Flatten column names, so we can use `style.format` easily.

In [563]:
footy_recall_grouped_countries_totals.columns = [' '.join(col).strip() for col in footy_recall_grouped_countries_totals.columns.values]

Set `pandas` to display all rows, so we can inspect all team names.

In [558]:
pd.set_option('display.max_rows', None)

In [564]:
footy_recall_grouped_countries_totals.style.format(precision=2).background_gradient(subset='recall mean')

Unnamed: 0_level_0,Unnamed: 1_level_0,recall mean,recall sum,recall count
country_code,team_name,Unnamed: 2_level_1,Unnamed: 3_level_1,Unnamed: 4_level_1
AR,Aldosivi,0.91,107,117
AR,Argentinos Juniors,0.78,87,112
AR,Arsenal,0.87,101,116
AR,Atlético Rafaela,0.82,54,66
AR,Atlético Tucumán,0.8,97,121
AR,Banfield,0.85,123,144
AR,Belgrano,0.81,98,121
AR,Boca Juniors,0.87,122,141
AR,Central Córdoba SdE,0.91,21,23
AR,Chacarita Juniors,0.78,21,27


Team names with low-ish `in-play data-wise recalls` were checked.  
In some cases, former names and aliases were found.  
The remaining team names with low-ish `in-play data-wise recalls` are from less traditional leagues and/or have less matches.

In [590]:
RECALL_EXAMPLE_THRESHOLD = .65
footy_recall_grouped_countries_totals[
    footy_recall_grouped_countries_totals['recall mean'] < RECALL_EXAMPLE_THRESHOLD
].style.format(precision=2).background_gradient(subset='recall mean')

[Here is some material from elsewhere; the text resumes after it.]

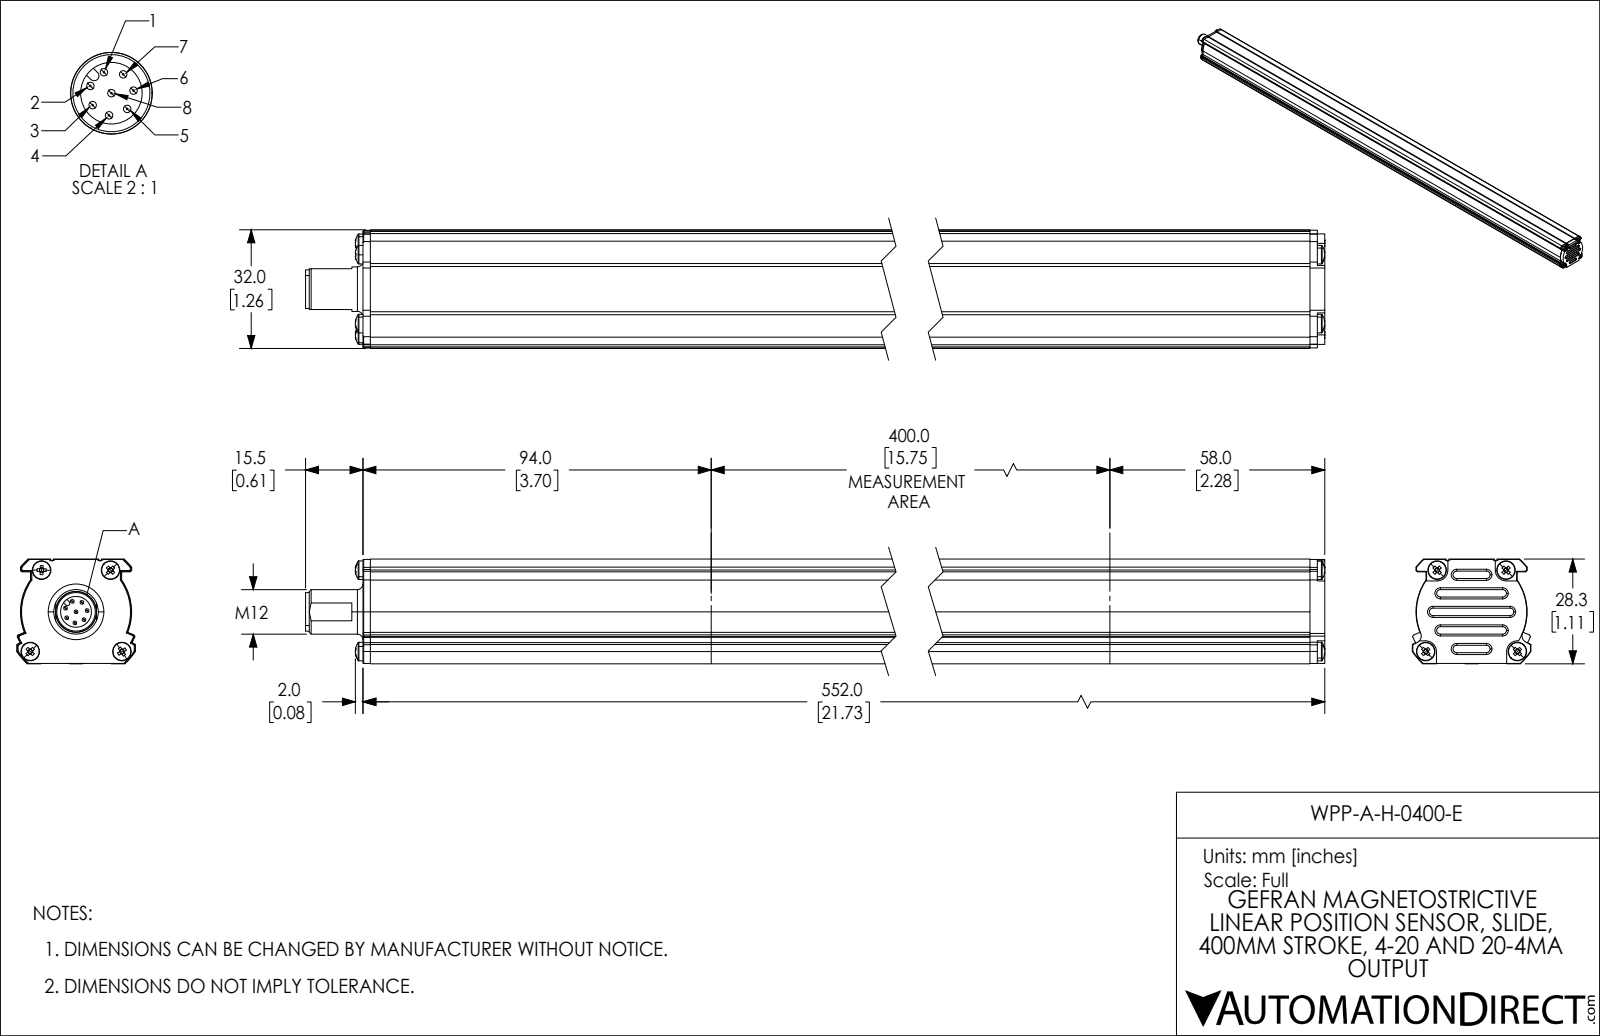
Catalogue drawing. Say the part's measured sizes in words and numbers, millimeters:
The part is named "WPP-A-H-0400-E". Its 3-D file was written by "SolidWorks 2021 (CONFIG_CONTROL_DESIGN)". It is 20 solids with 605 faces: 301 planar, 131 cylindrical and 173 other. Overall it measures 567.55 by 32 by 28.25 millimeters. Its volume is 440 402 cubic millimeters and its surface area 91 810 square millimeters. Round holes: 5 of diameter 2.6, 4 of diameter 2.3, 1 of diameter 7, 1 of diameter 8.3, 1 of diameter 9.4. Round bosses or shafts: 8 of diameter 1, 4 of diameter 5, 1 of diameter 12, 1 of diameter 10.4, 1 of diameter 9.55, 1 of diameter 8. Partial cylindrical surfaces (rounded edges, fillets, slot ends): 8 of radius 0.5, 4 of radius 2.9, 2 of radius 0.4, 2 of radius 1, 2 of radius 1.85, 1 of radius 0.65, 1 of radius 2, 1 of radius 14.9. The main face-to-face distances are 28, 28.25, 24.8, 24.55, 3.45, 3.7, 28.3, 546, 24.6, 2. The hole center spacings are 16.36, 14.6, 22.17, 30.85, 18.6, 22.16, 24.75, 24.76.

Unnamed: 0_level_0,Unnamed: 1_level_0,recall mean,recall sum,recall count
country_code,team_name,Unnamed: 2_level_1,Unnamed: 3_level_1,Unnamed: 4_level_1
AR,San Martín Tucumán,0.64,16,25
AU,Adelaide United,0.63,85,134
AU,Wellington Phoenix,0.64,82,129
AU,Western Sydney Wanderers,0.63,83,132
CN,Beijing Renhe,0.54,45,83
CN,Changchun Yatai,0.6,68,114
CN,Dalian Yifang,0.43,26,60
CN,Guizhou Zhicheng,0.4,24,60
CN,Jiangsu Suning,0.6,86,143
CN,Tianjin Quanjian,0.6,54,90


The team names may be considered validated and the relevant `event id`s have been fetched.